ACTIVITY: Scan the records for lines holding "Autodesk". Say how many there are and give nothing else.

Records from a data source:
══════════

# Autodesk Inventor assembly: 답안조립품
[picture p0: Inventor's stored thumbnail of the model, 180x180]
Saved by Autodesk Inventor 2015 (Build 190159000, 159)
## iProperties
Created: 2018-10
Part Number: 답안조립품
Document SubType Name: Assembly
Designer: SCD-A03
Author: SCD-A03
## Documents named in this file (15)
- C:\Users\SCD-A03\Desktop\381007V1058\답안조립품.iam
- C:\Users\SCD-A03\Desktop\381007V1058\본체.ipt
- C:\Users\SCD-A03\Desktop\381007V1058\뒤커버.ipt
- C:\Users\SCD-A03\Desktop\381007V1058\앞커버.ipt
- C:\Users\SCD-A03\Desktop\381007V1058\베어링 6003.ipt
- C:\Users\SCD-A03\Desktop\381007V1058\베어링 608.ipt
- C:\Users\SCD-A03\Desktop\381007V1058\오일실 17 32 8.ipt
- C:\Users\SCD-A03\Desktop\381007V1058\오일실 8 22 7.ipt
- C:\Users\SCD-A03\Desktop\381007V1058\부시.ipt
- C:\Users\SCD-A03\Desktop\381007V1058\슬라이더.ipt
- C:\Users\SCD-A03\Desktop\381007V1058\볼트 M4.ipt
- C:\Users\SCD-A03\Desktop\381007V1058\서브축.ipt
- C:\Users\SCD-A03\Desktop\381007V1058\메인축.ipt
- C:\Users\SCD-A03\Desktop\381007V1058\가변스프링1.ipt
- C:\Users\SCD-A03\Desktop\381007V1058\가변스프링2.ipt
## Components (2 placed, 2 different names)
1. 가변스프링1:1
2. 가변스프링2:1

══════════

ANSWER TO THIS EXERCISE: 2